(Stored entries)
- - - - -
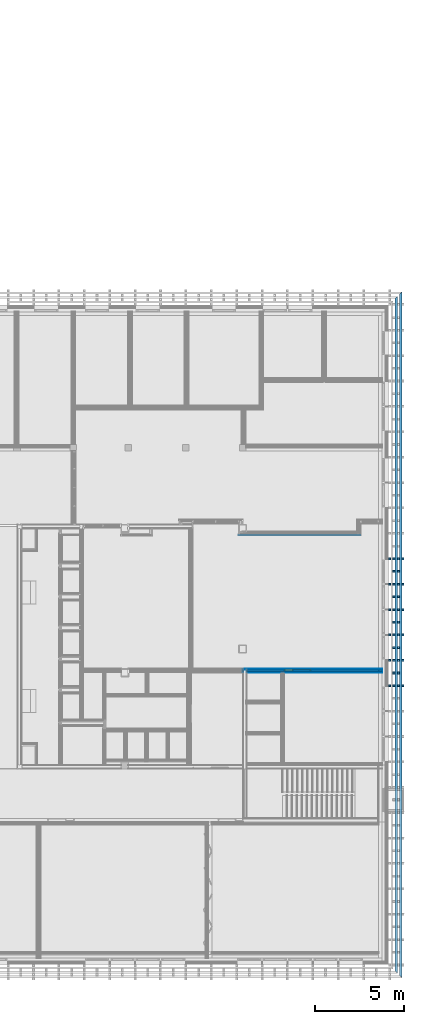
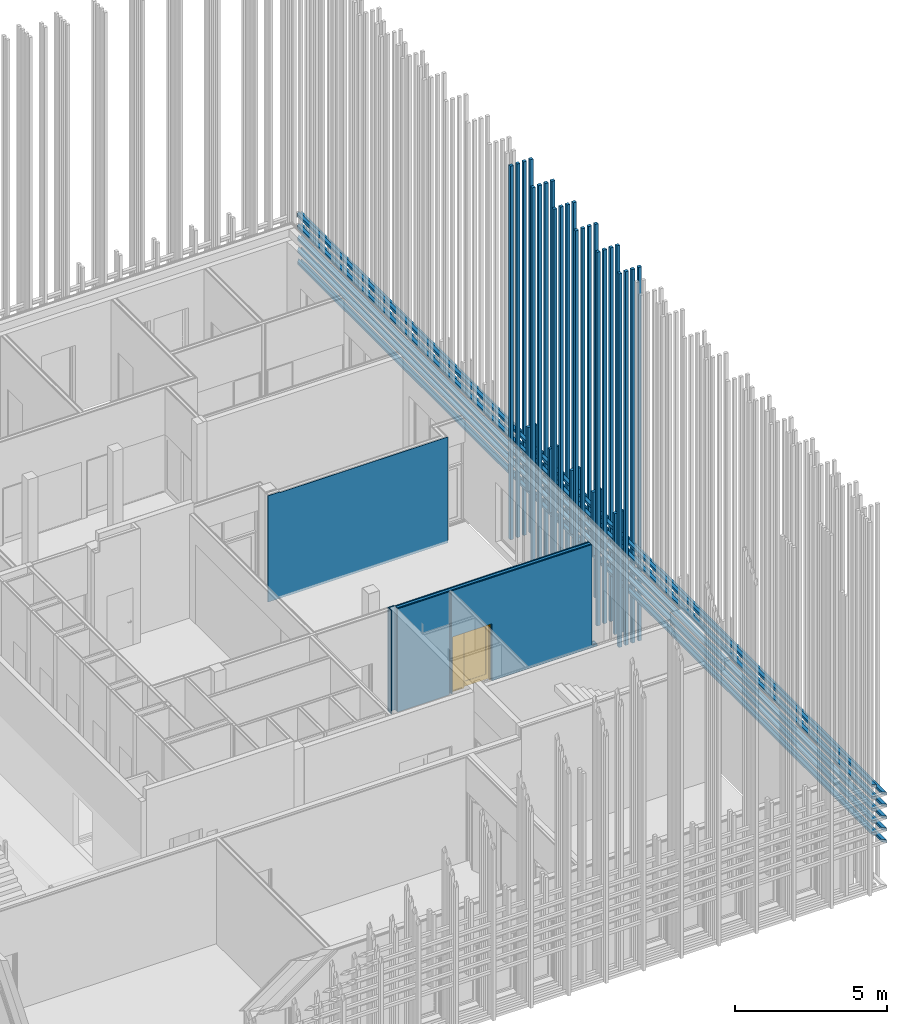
# One storey, part 213 of 260: 16 discrete accessories, 10 building element parts, 1 door, 1 opening, 2 elements without a shape of their own.
"""IFC2X3 building model written with IfcOpenShell, lengths in millimetres."""

import ifcopenshell
import ifcopenshell.guid

model = None  # the IFC model being written
_history = None  # IfcOwnerHistory: only IFC2X3 demands one
_inside = {}  # id of a spatial element -> (the spatial element, [elements in it])
_under = {}  # id of a project, library or spatial element -> (it, [spatial elements below it])
_declared = {}  # id of a project -> (the project, [libraries it declares])
_typed = {}  # id of a type object -> (the type object, [elements of that type])
_made_of = {}  # id of a material, layer set ... -> (it, [elements and type objects made of it])


def new_model(schema):
    """Start an empty IFC model of exactly this schema.

    Asked for "IFC4X3", IfcOpenShell would pick the latest addendum, in which some entities
    have other attributes; the version numbers below select the first issue.
    IFC2X3 requires an IfcOwnerHistory on every rooted entity: one is made here for all.
    """
    global model, _history
    if schema == "IFC4X3":
        model = ifcopenshell.file(schema_version=(4, 3, 0, 0))
    else:
        model = ifcopenshell.file(schema=schema)
    _inside.clear()
    _under.clear()
    _declared.clear()
    _typed.clear()
    _made_of.clear()
    _history = None
    if model.schema == "IFC2X3":
        org = make("IfcOrganization", Name="unknown")
        user = make(
            "IfcPersonAndOrganization",
            ThePerson=make("IfcPerson", FamilyName="unknown"),
            TheOrganization=org,
        )
        app = make(
            "IfcApplication",
            ApplicationDeveloper=org,
            Version="unknown",
            ApplicationFullName="unknown",
            ApplicationIdentifier="unknown",
        )
        _history = make(
            "IfcOwnerHistory",
            OwningUser=user,
            OwningApplication=app,
            ChangeAction="ADDED",
            CreationDate=0,
        )
    return model


def make(cls, **values):
    """One entity of the class cls with the attributes given. An attribute that is None is left unset."""
    return model.create_entity(
        cls, **{name: value for name, value in values.items() if value is not None}
    )


def entity(cls, *values):
    """Any entity or typed value of the class cls, its attributes in the order of the schema. None: left unset."""
    e = model.create_entity(cls)
    for i, value in enumerate(values):
        if value is not None:
            e[i] = value
    return e


def rooted(cls, **values):
    """An entity with a GlobalId (a new one), such as an element, a storey or a relation."""
    return make(cls, GlobalId=ifcopenshell.guid.new(), OwnerHistory=_history, **values)


def si_unit(unit_type, name, prefix=None):
    """IfcSIUnit, for example si_unit("LENGTHUNIT", "METRE", prefix="MILLI")."""
    return make("IfcSIUnit", UnitType=unit_type, Prefix=prefix, Name=name)


def converted_unit(unit_type, name, factor, base, dimensions=None, offset=None):
    """IfcConversionBasedUnit, such as the inch: factor (a typed value) times the base unit."""
    return make(
        "IfcConversionBasedUnit"
        if offset is None
        else "IfcConversionBasedUnitWithOffset",
        ConversionOffset=offset,
        Dimensions=None
        if dimensions is None
        else entity("IfcDimensionalExponents", *dimensions),
        UnitType=unit_type,
        Name=name,
        ConversionFactor=make(
            "IfcMeasureWithUnit", ValueComponent=factor, UnitComponent=base
        ),
    )


def derived_unit(unit_type, elements):
    """IfcDerivedUnit: a product of units, each with its exponent."""
    return make(
        "IfcDerivedUnit",
        Elements=[
            make("IfcDerivedUnitElement", Unit=unit, Exponent=power)
            for unit, power in elements
        ],
        UnitType=unit_type,
    )


def money_unit(currency):
    """IfcMonetaryUnit."""
    return make("IfcMonetaryUnit", Currency=currency)


def assignment(units):
    """IfcUnitAssignment: the units of a project."""
    return None if units is None else make("IfcUnitAssignment", Units=units)


def point(xyz):
    """IfcCartesianPoint."""
    return None if xyz is None else make("IfcCartesianPoint", Coordinates=xyz)


def direction(xyz):
    """IfcDirection."""
    return None if xyz is None else make("IfcDirection", DirectionRatios=xyz)


def frame(location, z_axis=None, x_axis=None):
    """IfcAxis2Placement3D, a coordinate frame: its origin and axes. An axis left out is left unset."""
    return make(
        "IfcAxis2Placement3D",
        Location=point(location),
        Axis=direction(z_axis),
        RefDirection=direction(x_axis),
    )


def origin_with_axes():
    """The frame at (0, 0, 0) with the z axis (0, 0, 1) and the x axis (1, 0, 0) written out."""
    return frame((0.0, 0.0, 0.0), z_axis=(0.0, 0.0, 1.0), x_axis=(1.0, 0.0, 0.0))


def place(relative_to, where):
    """IfcLocalPlacement: puts the frame where relative to a parent placement (None: the world)."""
    return make(
        "IfcLocalPlacement", PlacementRelTo=relative_to, RelativePlacement=where
    )


def context(
    kind, dimensions, precision=None, world=None, true_north=None, identifier=None
):
    """IfcGeometricRepresentationContext, for example the 3D "Model" context."""
    return make(
        "IfcGeometricRepresentationContext",
        ContextIdentifier=identifier,
        ContextType=kind,
        CoordinateSpaceDimension=dimensions,
        Precision=precision,
        WorldCoordinateSystem=world,
        TrueNorth=true_north,
    )


def subcontext(parent, identifier, kind, view, scale=None):
    """IfcGeometricRepresentationSubContext, for example "Body" below "Model"."""
    return make(
        "IfcGeometricRepresentationSubContext",
        ContextIdentifier=identifier,
        ContextType=kind,
        ParentContext=parent,
        TargetScale=scale,
        TargetView=view,
    )


def project(units=None, contexts=None):
    """IfcProject with its units and contexts."""
    return rooted(
        "IfcProject",
        Name="project",
        RepresentationContexts=contexts,
        UnitsInContext=assignment(units),
    )


def spatial(cls, under=None, at=None, **own):
    """A site, building, storey or space (cls), placed at a placement, below another one or the project."""
    s = rooted(cls, ObjectPlacement=at, **own)
    if under is not None:
        _under.setdefault(under.id(), (under, []))[1].append(s)
    return s


def faces_of(points, faces, orient=None, outer=None):
    """IfcFace entities. A face is a list of loops; a loop is a list of indices into points, from 0.

    orient and outer hold one flag for each loop. By default every Orientation is true, the
    first loop of a face is its IfcFaceOuterBound and the others are IfcFaceBound.
    """
    made = []
    for i, loops in enumerate(faces):
        bounds = []
        for j, loop in enumerate(loops):
            is_outer = j == 0 if outer is None else outer[i][j]
            bounds.append(
                make(
                    "IfcFaceOuterBound" if is_outer else "IfcFaceBound",
                    Bound=make("IfcPolyLoop", Polygon=[points[k] for k in loop]),
                    Orientation=True if orient is None else orient[i][j],
                )
            )
        made.append(make("IfcFace", Bounds=bounds))
    return made


def open_shell(faces, orient=None, outer=None):
    """The faces of one IfcOpenShell. surface_model builds it on its shared points."""
    return ("IfcOpenShell", faces, orient, outer)


def faceted_brep(points, faces, orient=None, outer=None, voids=None):
    """IfcFacetedBrep: a solid bounded by flat faces; with voids (closed shells), ...WithVoids."""
    shared = [point(p) for p in points]
    hull = make("IfcClosedShell", CfsFaces=faces_of(shared, faces, orient, outer))
    if voids is None:
        return make("IfcFacetedBrep", Outer=hull)
    return make(
        "IfcFacetedBrepWithVoids",
        Outer=hull,
        Voids=[
            make(cls, CfsFaces=faces_of(shared, fs, o, b)) for cls, fs, o, b in voids
        ],
    )


def surface_model(cls, points, shells):
    """IfcFaceBasedSurfaceModel or IfcShellBasedSurfaceModel (cls): surfaces that need not close."""
    shared = [point(p) for p in points]
    made = [make(c, CfsFaces=faces_of(shared, fs, o, b)) for c, fs, o, b in shells]
    if cls == "IfcFaceBasedSurfaceModel":
        return make(cls, FbsmFaces=made)
    return make(cls, SbsmBoundary=made)


def shape(context_of_items, identifier, shape_type, items):
    """IfcShapeRepresentation: the items that make up one representation, for example the "Body"."""
    return make(
        "IfcShapeRepresentation",
        ContextOfItems=context_of_items,
        RepresentationIdentifier=identifier,
        RepresentationType=shape_type,
        Items=items,
    )


def material(Name=None, Category=None):
    """IfcMaterial."""
    return make("IfcMaterial", Name=Name, Category=Category)


def material_list(materials):
    """IfcMaterialList."""
    return make("IfcMaterialList", Materials=materials)


def made_of(thing, what):
    """Note that an element or type object is made of a material, layer set ...; save() writes the relation."""
    if what is not None:
        _made_of.setdefault(what.id(), (what, []))[1].append(thing)
    return thing


def type_object(cls, material=None, **own):
    """A type object (cls), such as IfcWallType, which elements share."""
    return made_of(rooted(cls, **own), material)


def element(
    cls,
    number,
    at=None,
    inside=None,
    cuts=None,
    type_object=None,
    material=None,
    context=None,
    identifier="Body",
    shape_type=None,
    held_by="IfcProductDefinitionShape",
    body=None,
    shapes=None,
    **own,
):
    """One element of the class cls, such as IfcWall. Its Tag is "e" and its number.

    at: its placement. inside: the storey or other place that contains it. cuts: it is an
    opening in that element (IfcRelVoidsElement). A single representation is given by context,
    identifier, shape_type and body (its items); several are given by shapes. held_by: the class
    of the entity that holds the representations. save() writes the other relations.
    """
    e = rooted(cls, Tag="e%d" % number, ObjectPlacement=at, **own)
    if body is not None:
        shapes = [shape(context, identifier, shape_type, body)]
    if shapes is not None:
        e.Representation = make(held_by, Representations=shapes)
    if inside is not None:
        _inside.setdefault(inside.id(), (inside, []))[1].append(e)
    if cuts is not None:
        rooted(
            "IfcRelVoidsElement", RelatingBuildingElement=cuts, RelatedOpeningElement=e
        )
    if type_object is not None:
        _typed.setdefault(type_object.id(), (type_object, []))[1].append(e)
    return made_of(e, material)


def fill(opening, filler):
    """IfcRelFillsElement: the door or window that sits in an opening."""
    return rooted(
        "IfcRelFillsElement",
        RelatingOpeningElement=opening,
        RelatedBuildingElement=filler,
    )


def aggregate(whole, parts):
    """IfcRelAggregates: a whole, such as a stair, and the parts it consists of."""
    return rooted("IfcRelAggregates", RelatingObject=whole, RelatedObjects=parts)


def save(model, path):
    """Write the relations noted so far, then the file.

    IfcRelAggregates (storeys below a building ...), IfcRelContainedInSpatialStructure (elements
    in a storey), IfcRelDefinesByType, IfcRelAssociatesMaterial and IfcRelDeclares: one each for
    every whole, place, type object, material and project.
    """
    for whole, parts in _under.values():
        aggregate(whole, parts)
    for where, things in _inside.values():
        rooted(
            "IfcRelContainedInSpatialStructure",
            RelatedElements=things,
            RelatingStructure=where,
        )
    for kind, things in _typed.values():
        rooted("IfcRelDefinesByType", RelatedObjects=things, RelatingType=kind)
    for what, things in _made_of.values():
        rooted("IfcRelAssociatesMaterial", RelatedObjects=things, RelatingMaterial=what)
    for by, libraries in _declared.values():
        rooted("IfcRelDeclares", RelatingContext=by, RelatedDefinitions=libraries)
    model.write(path)


model = new_model("IFC2X3")

# Units and contexts
model_context = context("Model", 3, precision=0.01, world=origin_with_axes(), true_north=direction((0.0, 1.0)))
body_context = subcontext(model_context, "Body", "Model", "MODEL_VIEW")
ifc_project = project(units=[si_unit("LENGTHUNIT", "METRE", prefix="MILLI"), si_unit("AREAUNIT", "SQUARE_METRE"), si_unit("VOLUMEUNIT", "CUBIC_METRE"), converted_unit("PLANEANGLEUNIT", "DEGREE", entity("IfcPlaneAngleMeasure", 0.0174532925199), si_unit("PLANEANGLEUNIT", "RADIAN"), dimensions=[0, 0, 0, 0, 0, 0, 0]), money_unit("EUR"), converted_unit("TIMEUNIT", "Year", entity("IfcTimeMeasure", 31556926.0), si_unit("TIMEUNIT", "SECOND"), dimensions=[0, 0, 1, 0, 0, 0, 0]), si_unit("MASSUNIT", "GRAM", prefix="KILO"), si_unit("THERMODYNAMICTEMPERATUREUNIT", "DEGREE_CELSIUS"), si_unit("LUMINOUSINTENSITYUNIT", "LUMEN"), si_unit("ENERGYUNIT", "JOULE", prefix="MEGA"), derived_unit("THERMALCONDUCTANCEUNIT", [(si_unit("POWERUNIT", "WATT"), 1), (si_unit("LENGTHUNIT", "METRE"), -1), (si_unit("THERMODYNAMICTEMPERATUREUNIT", "KELVIN"), -1)]), derived_unit("SPECIFICHEATCAPACITYUNIT", [(si_unit("ENERGYUNIT", "JOULE"), 1), (si_unit("MASSUNIT", "GRAM", prefix="KILO"), -1), (si_unit("THERMODYNAMICTEMPERATUREUNIT", "KELVIN"), -1)]), derived_unit("MASSDENSITYUNIT", [(si_unit("MASSUNIT", "GRAM", prefix="KILO"), 1), (si_unit("VOLUMEUNIT", "CUBIC_METRE"), -1)])], contexts=[model_context])

# Site, building, storey
site_placement = place(None, origin_with_axes())
site = spatial("IfcSite", under=ifc_project, at=site_placement, Name="Kolde pst 67a", CompositionType="ELEMENT")
building_placement = place(site_placement, origin_with_axes())
building = spatial("IfcBuilding", under=site, at=building_placement, Name="Riigigümnaasium", CompositionType="ELEMENT")
storey_placement = place(building_placement, origin_with_axes())
storey = spatial("IfcBuildingStorey", under=building, at=storey_placement, Name="1. korrus", CompositionType="ELEMENT", Elevation=0.0)

# Door
door_style = type_object("IfcDoorStyle", Name="Door with Sidelight on Side 2 25", ConstructionType="NOTDEFINED", OperationType="SINGLE_SWING_RIGHT", ParameterTakesPrecedence=False, Sizeable=False)
wall_1_placement = place(storey_placement, frame((76579.9993279, 16330.0043142, 0.0), z_axis=(0.0, 0.0, 1.0), x_axis=(1.0, 0.0, 0.0)))
opening_placement = place(wall_1_placement, frame((3100.59532071, 0.0, 0.0), z_axis=(0.0, 0.0, 1.0), x_axis=(1.0, 0.0, 0.0)))
door_placement = place(opening_placement, frame((-750.0, 0.0, 0.0), z_axis=(0.0, 0.0, 1.0), x_axis=(1.0, 0.0, 0.0)))
door = element("IfcDoor", 1, at=door_placement, inside=storey, type_object=door_style, Name="Siseuks", ObjectType="DOOR", OverallHeight=2300.0, OverallWidth=1500.0, context=body_context, shape_type="SurfaceModel", body=[
    faceted_brep([(0.0, 0.0, 0.0), (40.0, 0.0, 0.0), (40.0, -115.0, 0.0), (0.0, -115.0, 0.0), (0.0, 0.0, 2260.0), (40.0, 0.0, 2260.0), (40.0, 0.0, 40.0), (40.0, -115.0, 40.0), (40.0, -115.0, 2260.0), (0.0, -115.0, 2260.0)], [[[0, 1, 2, 3]], [[0, 4, 5, 6, 1]], [[1, 6, 7, 2]], [[3, 2, 7, 8, 9]], [[4, 0, 3, 9]], [[5, 4, 9, 8]], [[6, 5, 8, 7]]]),
    faceted_brep([(500.0, -40.0, 0.0), (500.0, -40.0, 2260.0), (500.0, -115.0, 2260.0), (500.0, -115.0, 0.0), (488.0, -40.0, 2260.0), (488.0, -40.0, 0.0), (488.0, 0.0, 2260.0), (460.0, 0.0, 2260.0), (460.0, -115.0, 2260.0), (460.0, -115.0, 0.0), (460.0, -115.0, 40.0), (460.0, 0.0, 0.0), (488.0, 0.0, 0.0), (460.0, 0.0, 40.0)], [[[0, 1, 2, 3]], [[4, 1, 0, 5]], [[4, 6, 7, 8, 2, 1]], [[9, 3, 2, 8, 10]], [[5, 0, 3, 9, 11, 12]], [[6, 4, 5, 12]], [[6, 12, 11, 13, 7]], [[13, 10, 8, 7]], [[11, 9, 10, 13]]]),
    faceted_brep([(40.0, 0.0, 40.0), (40.0, 0.0, 0.0), (40.0, -115.0, 0.0), (40.0, -115.0, 40.0), (460.0, 0.0, 40.0), (460.0, 0.0, 0.0), (460.0, -115.0, 0.0), (460.0, -115.0, 40.0)], [[[0, 1, 2, 3]], [[0, 4, 5, 1]], [[1, 5, 6, 2]], [[3, 2, 6, 7]], [[4, 0, 3, 7]], [[5, 4, 7, 6]]]),
    faceted_brep([(1472.0, -40.0, 2260.0), (1460.0, -40.0, 2260.0), (1460.0, -115.0, 2260.0), (1500.0, -115.0, 2260.0), (1500.0, 0.0, 2260.0), (1472.0, 0.0, 2260.0), (1472.0, -40.0, 0.0), (1460.0, -40.0, 0.0), (1460.0, -115.0, 0.0), (1500.0, -115.0, 0.0), (1500.0, 0.0, 0.0), (1472.0, 0.0, 0.0)], [[[0, 1, 2, 3, 4, 5]], [[1, 0, 6, 7]], [[1, 7, 8, 2]], [[3, 2, 8, 9]], [[4, 3, 9, 10]], [[11, 5, 4, 10]], [[0, 5, 11, 6]], [[6, 11, 10, 9, 8, 7]]]),
    faceted_brep([(488.0, 0.0, 2272.0), (488.0, 0.0, 2260.0), (460.0, 0.0, 2260.0), (40.0, 0.0, 2260.0), (0.0, 0.0, 2260.0), (0.0, 0.0, 2300.0), (1500.0, 0.0, 2300.0), (1500.0, 0.0, 2260.0), (1472.0, 0.0, 2260.0), (1472.0, 0.0, 2272.0), (488.0, -40.0, 2272.0), (488.0, -40.0, 2260.0), (1460.0, -40.0, 2260.0), (1460.0, -115.0, 2260.0), (500.0, -115.0, 2260.0), (460.0, -115.0, 2260.0), (40.0, -115.0, 2260.0), (0.0, -115.0, 2260.0), (0.0, -115.0, 2300.0), (1500.0, -115.0, 2300.0), (1500.0, -115.0, 2260.0), (1472.0, -40.0, 2260.0), (1472.0, -40.0, 2272.0)], [[[0, 1, 2, 3, 4, 5, 6, 7, 8, 9]], [[1, 0, 10, 11]], [[11, 12, 13, 14, 15, 2, 1]], [[2, 15, 16, 3]], [[3, 16, 17, 4]], [[4, 17, 18, 5]], [[5, 18, 19, 6]], [[6, 19, 20, 7]], [[21, 8, 7, 20, 13, 12]], [[9, 8, 21, 22]], [[0, 9, 22, 10]], [[21, 12, 11, 10, 22]], [[13, 20, 19, 18, 17, 16, 15, 14]]]),
    faceted_brep([(1472.0, 0.0, 200.0), (1472.0, -40.0, 200.0), (1372.0, -40.0, 200.0), (1372.0, 0.0, 200.0), (1472.0, 0.0, 2172.0), (1472.0, -40.0, 2172.0), (1372.0, -40.0, 2172.0), (1372.0, 0.0, 2172.0)], [[[0, 1, 2, 3]], [[4, 5, 1, 0]], [[1, 5, 6, 2]], [[3, 2, 6, 7]], [[0, 3, 7, 4]], [[7, 6, 5, 4]]]),
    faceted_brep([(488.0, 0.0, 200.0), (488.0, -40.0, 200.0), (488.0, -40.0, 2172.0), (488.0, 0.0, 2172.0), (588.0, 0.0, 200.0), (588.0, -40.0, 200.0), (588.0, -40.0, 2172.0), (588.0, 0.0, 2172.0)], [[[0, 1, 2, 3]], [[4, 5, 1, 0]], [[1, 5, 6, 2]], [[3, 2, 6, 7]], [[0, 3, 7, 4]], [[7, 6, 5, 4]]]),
- - - - -
Exercise details
Every line above that holds the string "materials" should be copied into the answer.

Result of the exercise
def material_list(materials):
    return make("IfcMaterialList", Materials=materials)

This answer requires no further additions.